◆ **WORK REQUEST**
The entries below should be given again exactly, minus their pictures.

== == ==

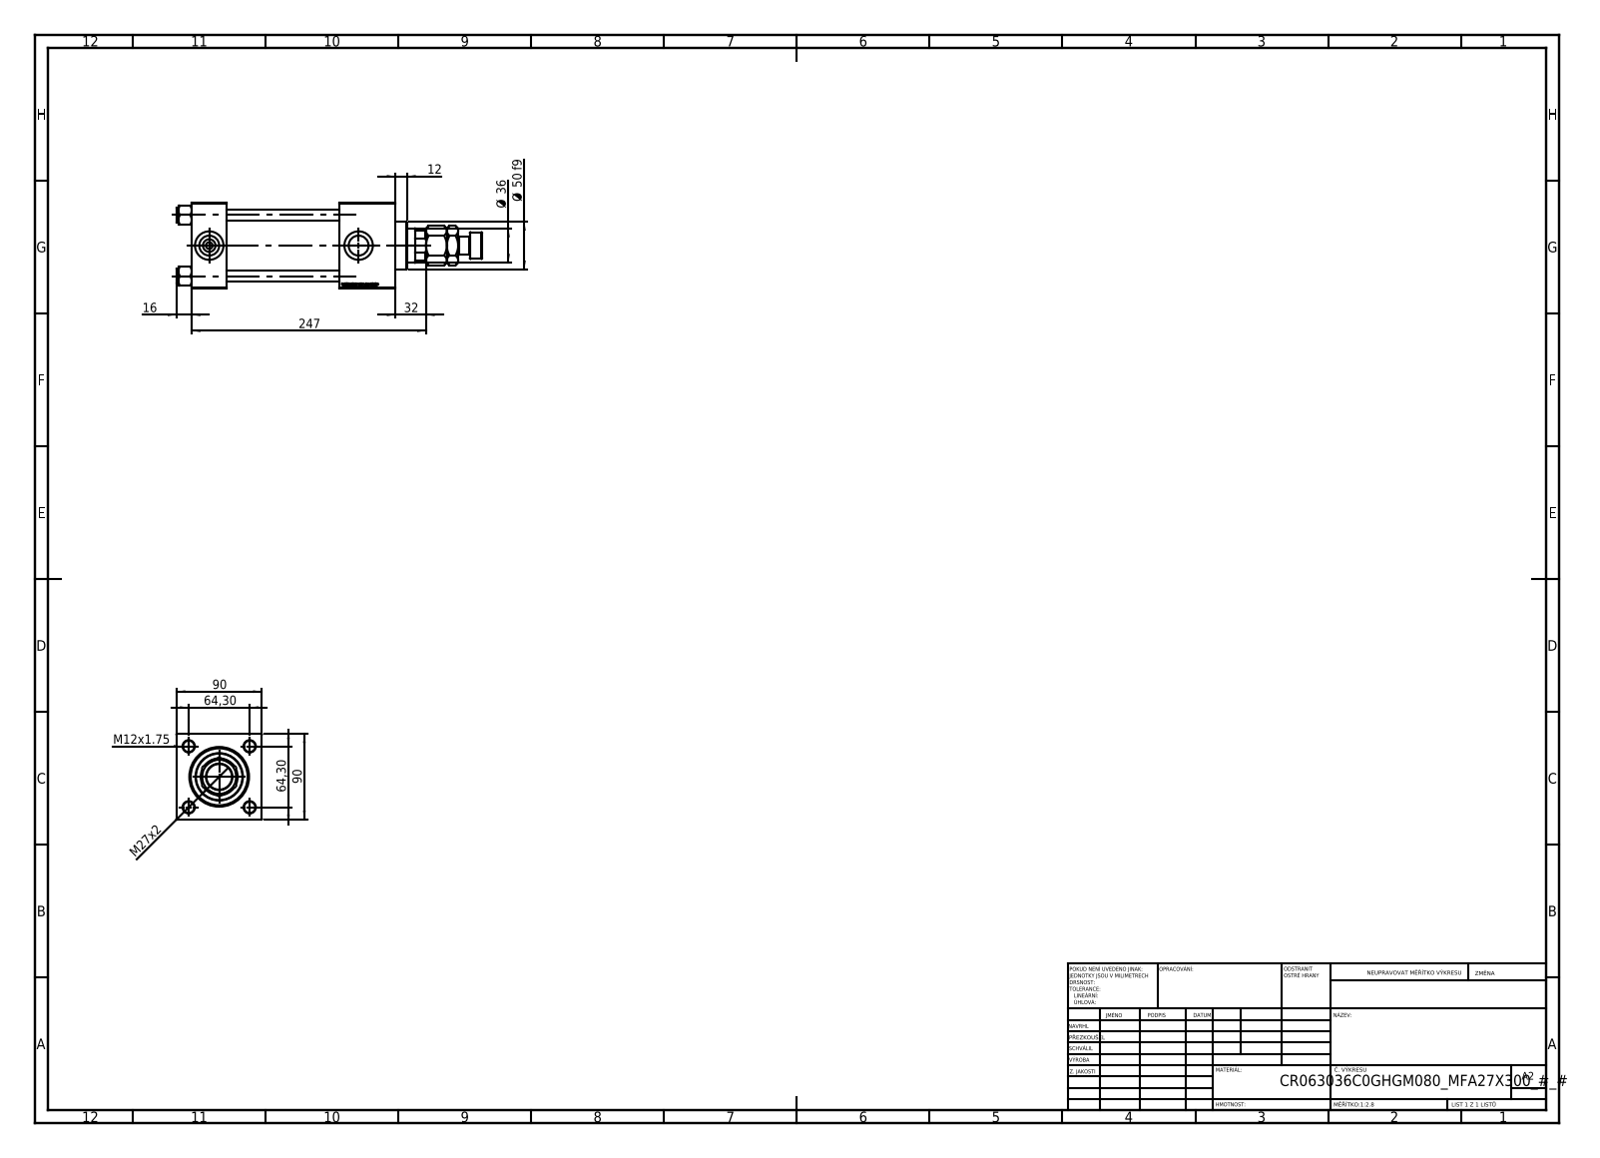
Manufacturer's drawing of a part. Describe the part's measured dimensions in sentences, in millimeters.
The part is named "MFA; V215CR_VCP_C; V215CR_C_TYCINKA; NUT_M5_C (+2 more)". Its 3-D file was written by "SolidWorks 2019 (CONFIG_CONTROL_DESIGN)". It is 12 solids with 1200 faces: 542 planar, 90 cylindrical and 568 other. Overall it measures 322 by 90 by 90 millimeters. Its volume is 1 142 000 cubic millimeters and its surface area 233 744 square millimeters. Round holes: 4 of diameter 12, 2 of diameter 7, 2 of diameter 20.96, 2 of diameter 30, 1 of diameter 25.5, 1 of diameter 36, 1 of diameter 39, 1 of diameter 50, 1 of diameter 60, 1 of diameter 63. Round bosses or shafts: 4 of diameter 15, 1 of diameter 69, 1 of diameter 28, 1 of diameter 18. Partial cylindrical surfaces (rounded edges, fillets, slot ends): 1 of radius 17.5. The main face-to-face distances are 90, 37, 59, 215, 178, 156, 119, 186.3, 149.3, 30.3. The hole center spacings are 45.47, 64.3, 90.93, 157.5.
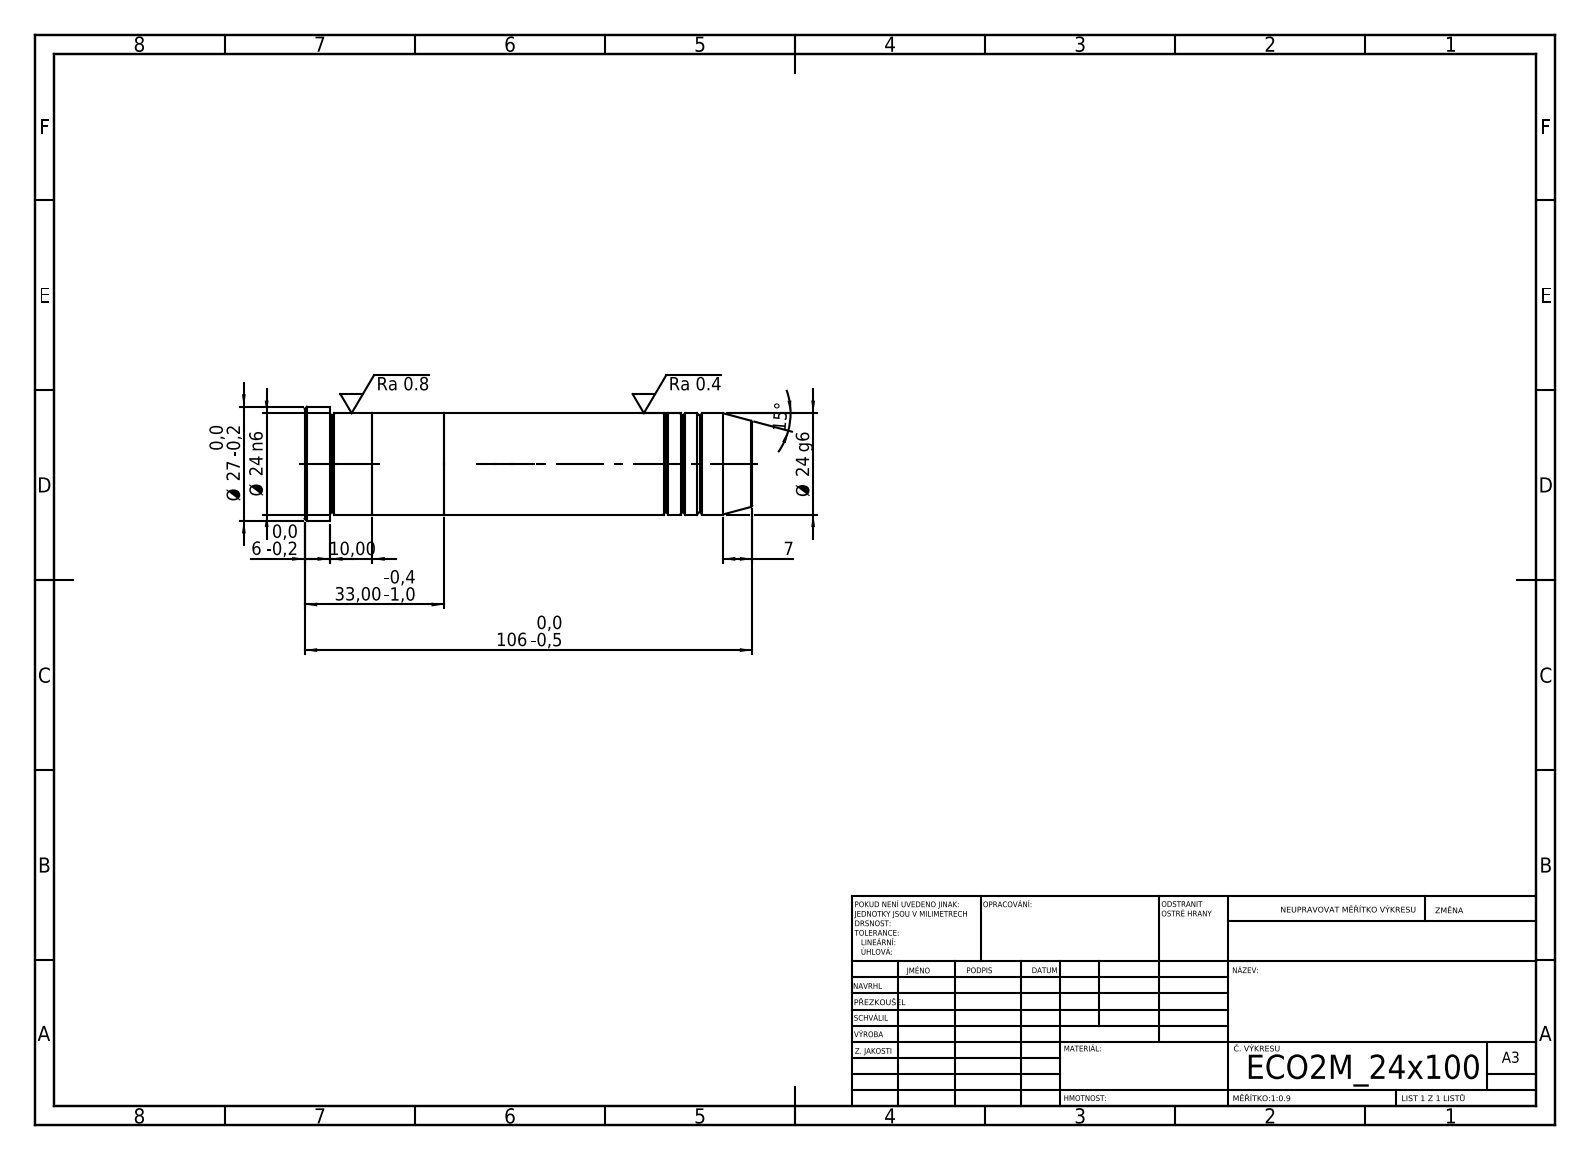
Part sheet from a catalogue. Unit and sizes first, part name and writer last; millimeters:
Units: millimetres
Overall size (bounding box): 106 × 27 × 27
Round bosses / shafts (diameter × count): ⌀27 ×1, ⌀24 ×1
Main face-to-face distances: 17, 33, 16, 73, 90, 106, 100, 27, 10, 6
Volume: 48 076 mm³ · Surface area: 10 976 mm²
Bodies: 3 solids, 43 faces (7 planar, 14 cylindrical, 22 other)
STEP written by: SolidWorks 2019 (CONFIG_CONTROL_DESIGN)
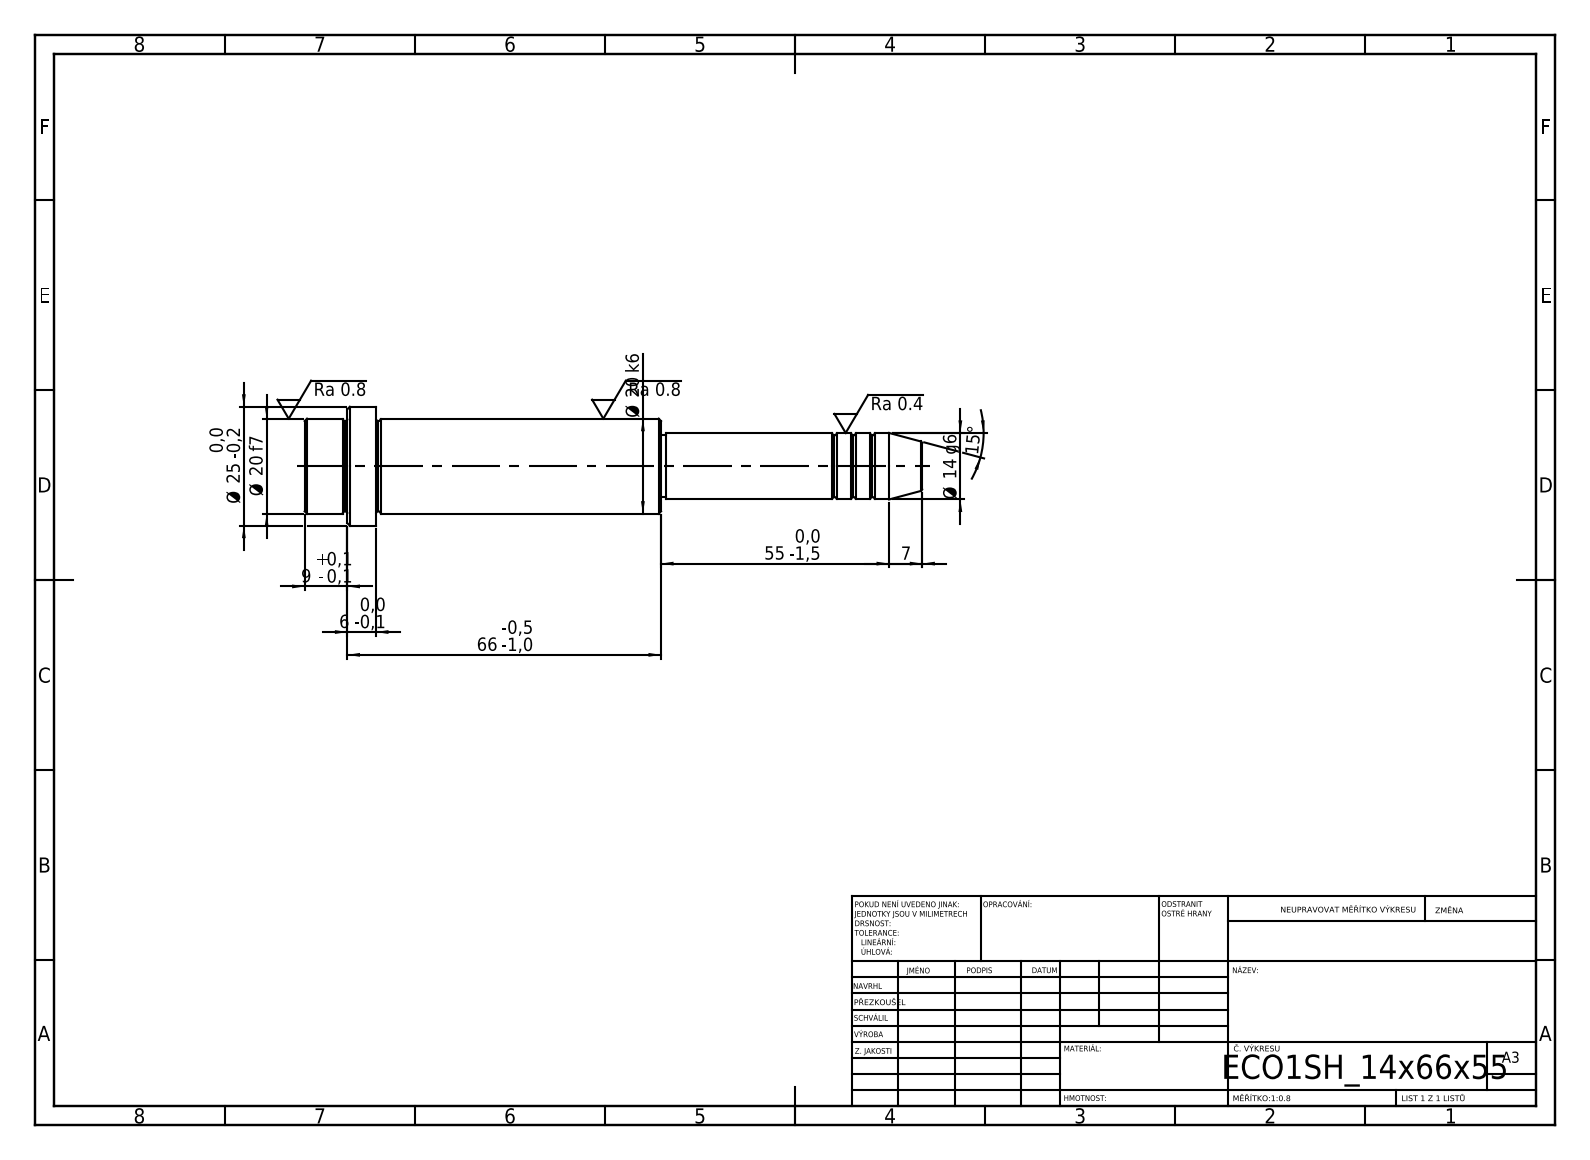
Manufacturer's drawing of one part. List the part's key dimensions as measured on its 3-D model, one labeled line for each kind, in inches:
STEP written by: SolidWorks 2019 (CONFIG_CONTROL_DESIGN)
Units: inches
Bodies: 1 solid, 52 faces (6 planar, 16 cylindrical, 30 other)
Overall size (bounding box): 5.118 × 0.984 × 0.984
Volume: 1.994 in³ · Surface area: 12.73 in²
Round bosses / shafts (diameter × count): ⌀0.984 ×1, ⌀0.787 ×1, ⌀0.551 ×1, ⌀0.512 ×1
Main face-to-face distances: 0.591, 2.362, 2.953, 2.598, 0.236, 0.354, 2.165, 4.528, 4.764, 5.118
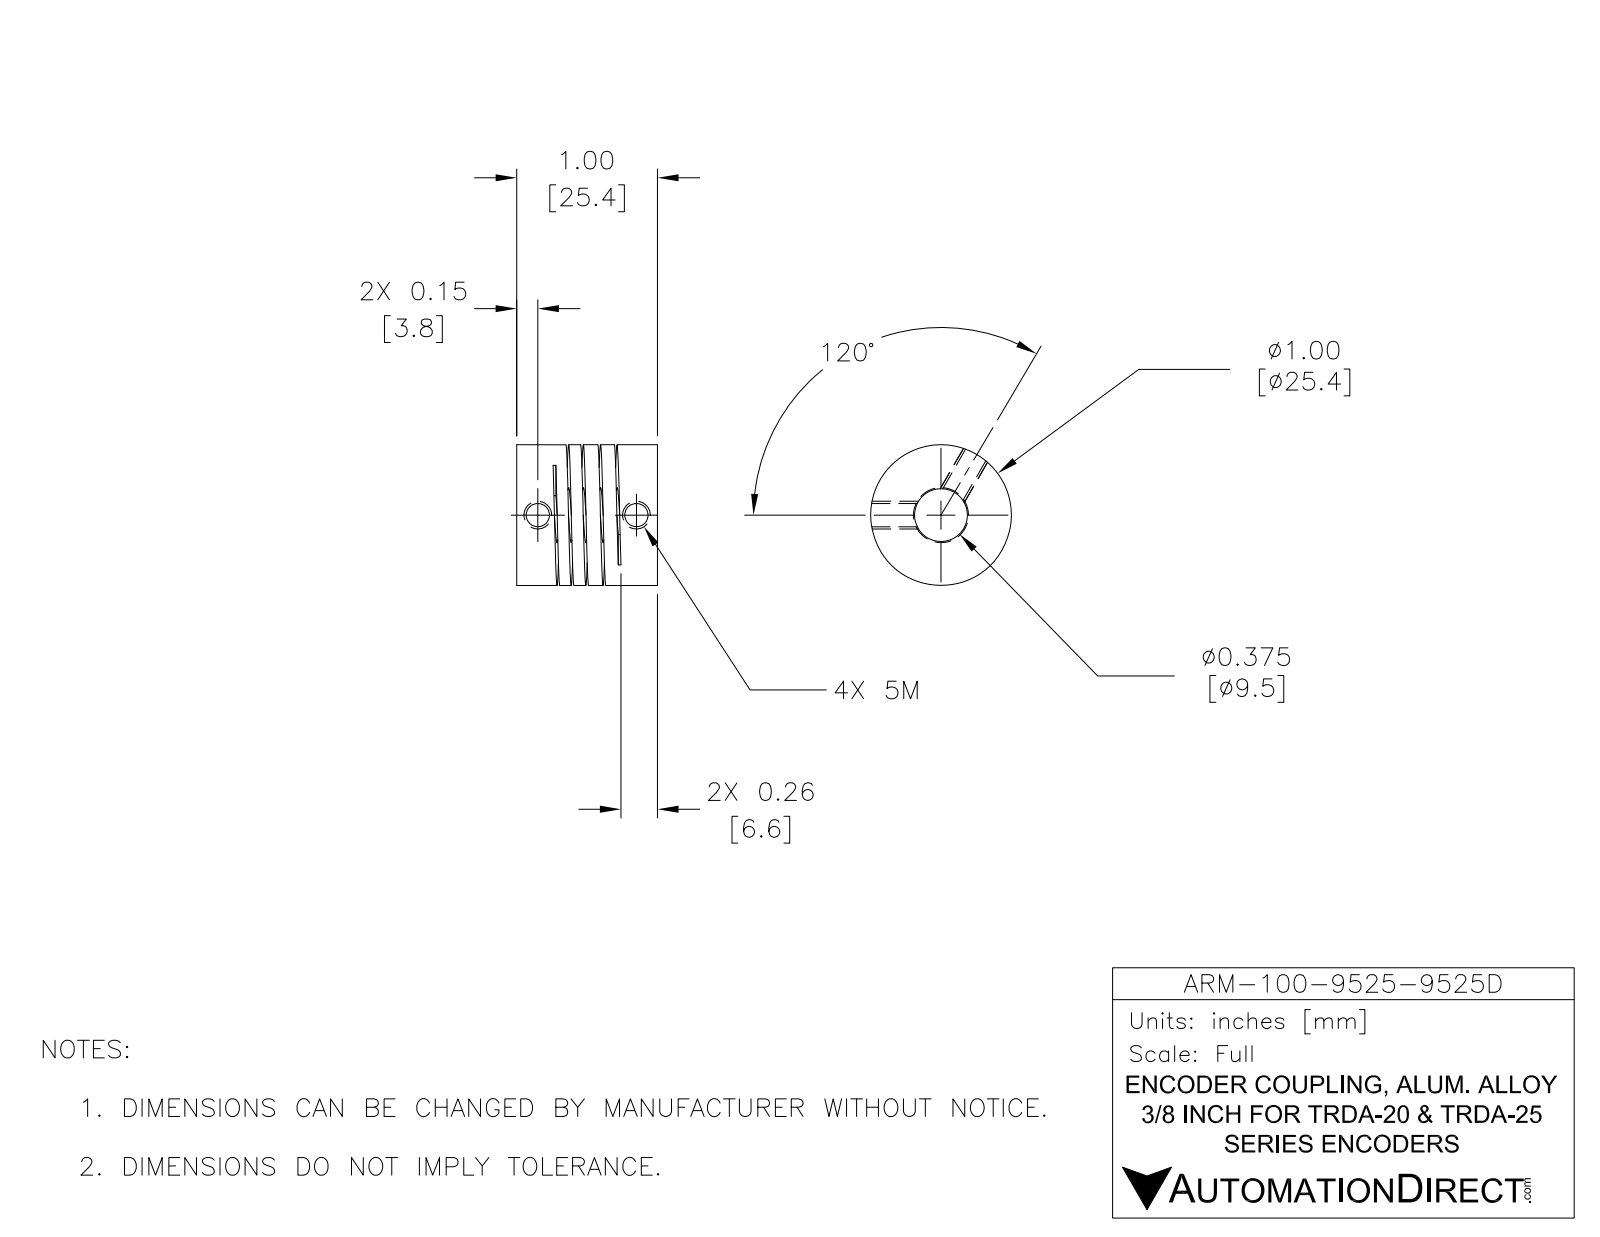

== == ==

◆ **REPLY TO THE EXERCISE**
Manufacturer's drawing of a part. Describe the part's measured dimensions in sentences, in millimeters.
The part is named "MFA; V215CR_VCP_C; V215CR_C_TYCINKA; NUT_M5_C (+2 more)". Its 3-D file was written by "SolidWorks 2019 (CONFIG_CONTROL_DESIGN)". It is 12 solids with 1200 faces: 542 planar, 90 cylindrical and 568 other. Overall it measures 322 by 90 by 90 millimeters. Its volume is 1 142 000 cubic millimeters and its surface area 233 744 square millimeters. Round holes: 4 of diameter 12, 2 of diameter 7, 2 of diameter 20.96, 2 of diameter 30, 1 of diameter 25.5, 1 of diameter 36, 1 of diameter 39, 1 of diameter 50, 1 of diameter 60, 1 of diameter 63. Round bosses or shafts: 4 of diameter 15, 1 of diameter 69, 1 of diameter 28, 1 of diameter 18. Partial cylindrical surfaces (rounded edges, fillets, slot ends): 1 of radius 17.5. The main face-to-face distances are 90, 37, 59, 215, 178, 156, 119, 186.3, 149.3, 30.3. The hole center spacings are 45.47, 64.3, 90.93, 157.5.
Part sheet from a catalogue. Unit and sizes first, part name and writer last; millimeters:
Units: millimetres
Overall size (bounding box): 106 × 27 × 27
Round bosses / shafts (diameter × count): ⌀27 ×1, ⌀24 ×1
Main face-to-face distances: 17, 33, 16, 73, 90, 106, 100, 27, 10, 6
Volume: 48 076 mm³ · Surface area: 10 976 mm²
Bodies: 3 solids, 43 faces (7 planar, 14 cylindrical, 22 other)
STEP written by: SolidWorks 2019 (CONFIG_CONTROL_DESIGN)
Manufacturer's drawing of one part. List the part's key dimensions as measured on its 3-D model, one labeled line for each kind, in inches:
STEP written by: SolidWorks 2019 (CONFIG_CONTROL_DESIGN)
Units: inches
Bodies: 1 solid, 52 faces (6 planar, 16 cylindrical, 30 other)
Overall size (bounding box): 5.118 × 0.984 × 0.984
Volume: 1.994 in³ · Surface area: 12.73 in²
Round bosses / shafts (diameter × count): ⌀0.984 ×1, ⌀0.787 ×1, ⌀0.551 ×1, ⌀0.512 ×1
Main face-to-face distances: 0.591, 2.362, 2.953, 2.598, 0.236, 0.354, 2.165, 4.528, 4.764, 5.118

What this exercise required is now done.